The Centre for Solution Focused Practice

To affirm or not to affirm – is that the question?

Last week someone on a training course said ‘I often affirm my clients in my work – should we affirm our clients in Solution Focused practice?’. In retrospect it is easy to see that I started off on the wrong foot. Of course I should have asked ‘what would I see you doing when you are affirming?’ but we were short of time and so I assumed that I knew the answer to the question that I did not ask, and I assumed that she meant ‘praising and complimenting’. And so having made this assumption I answered that I tried to affirm as little as possible, whilst ‘admitting’ that I find it hard not to affirm, in other words to praise, children when they report achievements and successes, excusing myself by arguing that children tend to frame themselves significantly through the eyes of the adults who surround them and who reflect back to them who they are.

Having rowed back to this extent from my first, off the cuff, response, I couldn’t help remembering Insoo Kim Berg and her quite inimitable ‘wows’, her frequent comments ‘I’m so impressed’ and her support for ‘cheer-leading’. And I couldn’t help recalling the Milwaukee team and their careful construction of compliments during the session breaks taken in order to formulate their end-of-session messages. What happened to this influential element of Solution Focused practice – did it really disappear or had it gone underground and taken a new shape?

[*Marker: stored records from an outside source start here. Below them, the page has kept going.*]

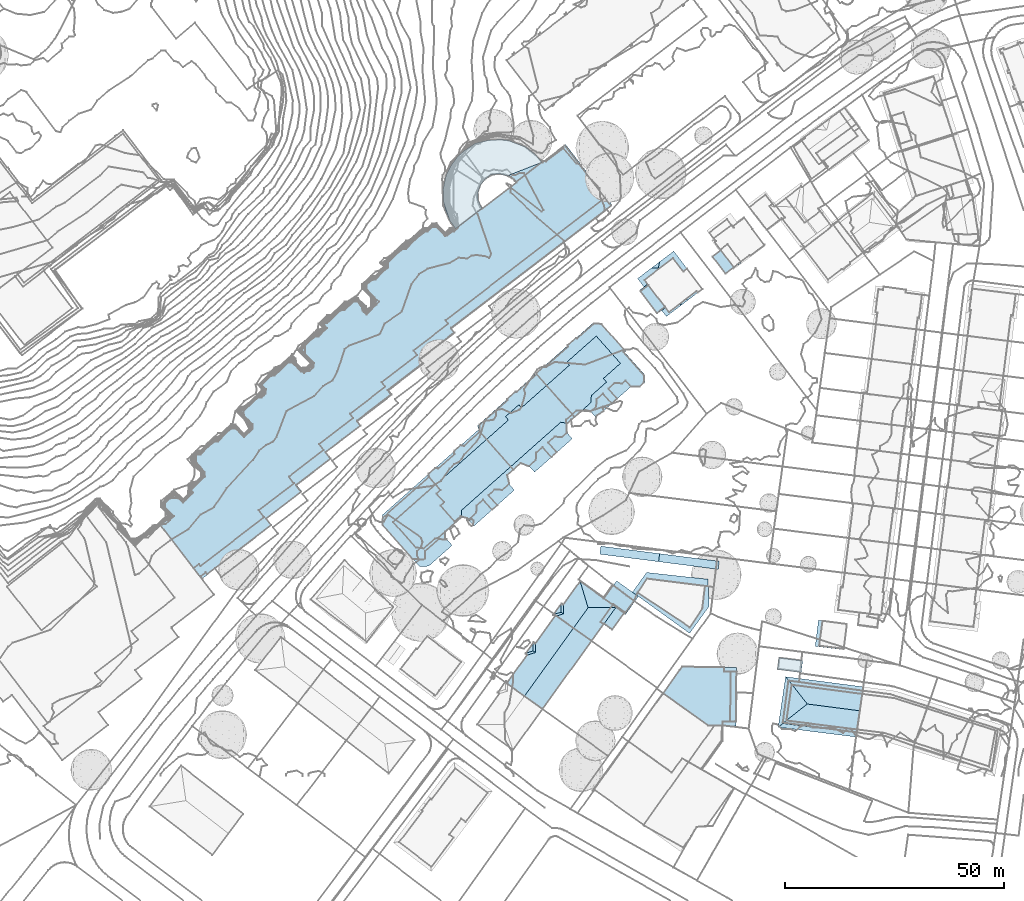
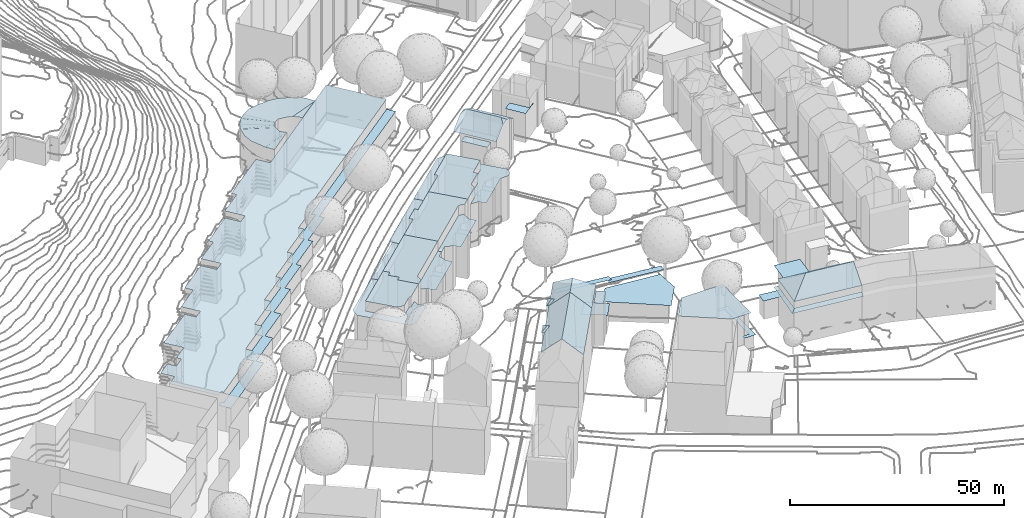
# Not in any storey, part 71 of 477: 30 roofs.
"""IFC4 building model written with IfcOpenShell, lengths in metres."""

from ifc_helpers import new_model, si_unit, frame, origin_with_axes, place, context, subcontext, project, spatial, polygons, element, save


model = new_model("IFC4")

# Units and contexts
model_context = context("Model", 3, precision=1e-05, world=origin_with_axes())
body_context = subcontext(model_context, "Body", "Model", "MODEL_VIEW")
ifc_project = project(units=[si_unit("AREAUNIT", "SQUARE_METRE"), si_unit("LENGTHUNIT", "METRE")], contexts=[model_context])

# Sites, building
site_1_placement = place(None, origin_with_axes())
site_1 = spatial("IfcSite", under=ifc_project, at=site_1_placement, Name="Topoexport Site")
site_2_placement = place(site_1_placement, origin_with_axes())
site_2 = spatial("IfcSite", under=site_1, at=site_2_placement, Name="TPX_BUILDINGS")
building_1_placement = place(site_2_placement, frame((340.8067320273, 67.2771160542, 499.5586), z_axis=(0.0, 0.0, 1.0), x_axis=(1.0, 0.0, 0.0)))
building_1 = spatial("IfcBuilding", under=site_2, at=building_1_placement, Name="Building 0", CompositionType="ELEMENT")

# Roofs
roof_1_placement = place(None, frame((340.8067320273, 67.2771160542, 499.5586), z_axis=(0.0, 0.0, 1.0), x_axis=(1.0, 0.0, 0.0)))
element("IfcRoof", 1, at=roof_1_placement, inside=building_1, Name="Roof 0", context=body_context, shape_type="Tessellation", body=[
    polygons([(15.7719999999, -6.5732000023, 12.5587), (18.0460000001, 0.2822999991, 12.5587), (18.5399999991, -1.9267000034, 12.5587), (19.6270000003, -3.1523000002, 12.5587), (7.5209999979, -7.7851000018, 12.5587), (10.3849999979, -11.3564000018, 12.5587), (18.8200000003, 2.2441999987, 12.5587), (19.4529999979, 1.5312999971, 12.5587), (8.8339999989, -9.6103000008, 12.5587), (7.5929999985, -9.2568000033, 12.5587)], [[[3, 2, 1]], [[4, 3, 1]], [[6, 1, 5]], [[8, 7, 2]], [[2, 7, 5]], [[1, 2, 5]], [[5, 10, 9]], [[5, 9, 6]]]),
])
roof_2_placement = place(None, frame((340.8067320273, 67.2771160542, 499.5586), z_axis=(0.0, 0.0, 1.0), x_axis=(1.0, 0.0, 0.0)))
element("IfcRoof", 2, at=roof_2_placement, inside=building_1, Name="Roof 1", context=body_context, shape_type="Tessellation", body=[
    polygons([(13.2949999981, 8.4668999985, 12.5588), (1.6530000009, -1.8671000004, 12.5588), (5.9439999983, 5.8046999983, 12.5588), (-0.262000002, 0.2959999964, 12.5588), (1.4869999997, 1.8486999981, 12.5588), (11.3770000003, 10.6269999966, 12.5588), (7.3550000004, 7.0566999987, 12.5588)], [[[3, 2, 1]], [[5, 4, 2]], [[7, 1, 6]], [[5, 2, 3]], [[3, 1, 7]]]),
])
roof_3_placement = place(None, frame((340.8067320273, 67.2771160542, 499.5586), z_axis=(0.0, 0.0, 1.0), x_axis=(1.0, 0.0, 0.0)))
element("IfcRoof", 3, at=roof_3_placement, inside=building_1, Name="Roof 2", context=body_context, shape_type="Tessellation", body=[
    polygons([(2.7839999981, -3.1435000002, 15.3595), (1.6530000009, -1.8671000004, 15.3595), (13.2949999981, 8.4667999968, 15.3595), (3.6270000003, -5.9501000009, 15.3595), (18.8200000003, 2.2441999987, 15.3595), (7.5209999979, -7.7851000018, 15.3595), (7.5969999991, -9.3476000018, 15.3595), (6.2359999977, -10.5556000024, 15.3595), (2.8039999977, -6.6796000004, 15.3595), (1.862999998, -3.9589000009, 15.3595)], [[[3, 2, 1]], [[6, 5, 4]], [[3, 4, 5]], [[1, 4, 3]], [[6, 8, 7]], [[4, 9, 6]], [[6, 9, 8]], [[4, 1, 10]]]),
])

# Building
building_2_placement = place(site_2_placement, frame((330.2977320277, 56.1951160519, 500.0165), z_axis=(0.0, 0.0, 1.0), x_axis=(1.0, 0.0, 0.0)))
building_2 = spatial("IfcBuilding", under=site_2, at=building_2_placement, Name="Building 1", CompositionType="ELEMENT")

# Roofs
roof_4_placement = place(None, frame((330.2977320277, 56.1951160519, 500.0165), z_axis=(0.0, 0.0, 1.0), x_axis=(1.0, 0.0, 0.0)))
element("IfcRoof", 4, at=roof_4_placement, inside=building_2, Name="Roof 0", context=body_context, shape_type="Tessellation", body=[
    polygons([(10.2469999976, 11.3779000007, 12.1009), (12.1620000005, 9.2149000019, 12.1009), (2.4809999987, 0.6220999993, 12.1009), (14.3189999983, -1.6279000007, 12.1008), (14.3640000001, -2.9472000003, 12.1008), (12.6629999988, -3.0986000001, 12.1008), (15.9149999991, -4.6942999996, 12.1008), (12.0229999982, -3.1611000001, 12.1008), (10.5579999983, -9.4501999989, 12.1008), (-0.120000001, 0.134800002, 12.1009), (-0.0140000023, 2.2705000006, 12.1009), (7.6979999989, -5.254900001, 12.1008), (9.4509999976, -5.4442999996, 12.1008), (8.5199999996, -9.5995999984, 12.1008), (6.9910000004, -7.8768999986, 12.1008)], [[[3, 2, 1]], [[6, 5, 4]], [[5, 6, 7]], [[7, 6, 8]], [[8, 9, 7]], [[3, 11, 10]], [[11, 3, 1]], [[3, 10, 12]], [[13, 12, 9]], [[9, 15, 14]], [[15, 9, 12]], [[12, 10, 15]], [[13, 9, 8]]]),
])
roof_5_placement = place(None, frame((330.2977320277, 56.1951160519, 500.0165), z_axis=(0.0, 0.0, 1.0), x_axis=(1.0, 0.0, 0.0)))
element("IfcRoof", 5, at=roof_5_placement, inside=building_2, Name="Roof 1", context=body_context, shape_type="Tessellation", body=[
    polygons([(13.2929999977, 7.938500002, 14.9016), (12.3719999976, 7.1231000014, 14.9016), (12.1620000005, 9.2149000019, 14.9016), (2.4809999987, 0.6220999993, 14.9016), (13.3129999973, 4.4024000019, 14.9016), (14.1359999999, 5.1319000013, 14.9016), (7.6979999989, -5.254900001, 14.9016), (12.0229999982, -3.1611000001, 14.9016), (12.6629999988, -3.0986000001, 14.9016), (9.4509999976, -5.4442999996, 14.9016), (16.7449999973, 0.5263999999, 14.9016)], [[[3, 2, 1]], [[2, 3, 4]], [[6, 2, 5]], [[2, 4, 5]], [[8, 4, 7]], [[9, 5, 8]], [[8, 7, 10]], [[9, 11, 5]], [[8, 5, 4]]]),
])

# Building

For BRIEF the reason that we largely dropped the praising and the complimenting was our interest in ‘centering’ the client and the client’s thoughts and perceptions and judgements rather than our thoughts and perceptions and judgements. We had arrived at the conclusion that we did not have the right, as Solution Focused Practitioners to judge or to evaluate our clients and that praising was no different from criticizing, both requiring us to adopt an evaluative stance. Fundamentally we decided that there is no difference between the statements ‘this is bad’ and ‘this is good’. And so we decided that we should elicit the client’s own evaluative judgements. ‘So were you pleased with the way that you . . .?’, we would ask or ‘so what does doing that tell you about the person that you are and the person that you can be in the future . . .?’, inviting the client’s own evaluation. And even if a ‘great’ or a ‘wow’ slipped out of our mouths we would quickly recover ourselves and follow it with ‘and were you pleased with that?’, heaving an internal sigh of relief as we recovered ourselves, finding our way back to our preferred position. This shift of position we characterised, merely a useful shorthand of course, as the shift from praising to self-complimenting. However since contemporaneous with our decision to ‘centre’ the client came our determination that we should ‘trust’ the client, and since if we truly trusted the client there was no further need for end of session tasks or homework, since clients could be trusted to do what was right for them following the session, the context within which end of session compliments found their home disappeared and with it the compliments themselves.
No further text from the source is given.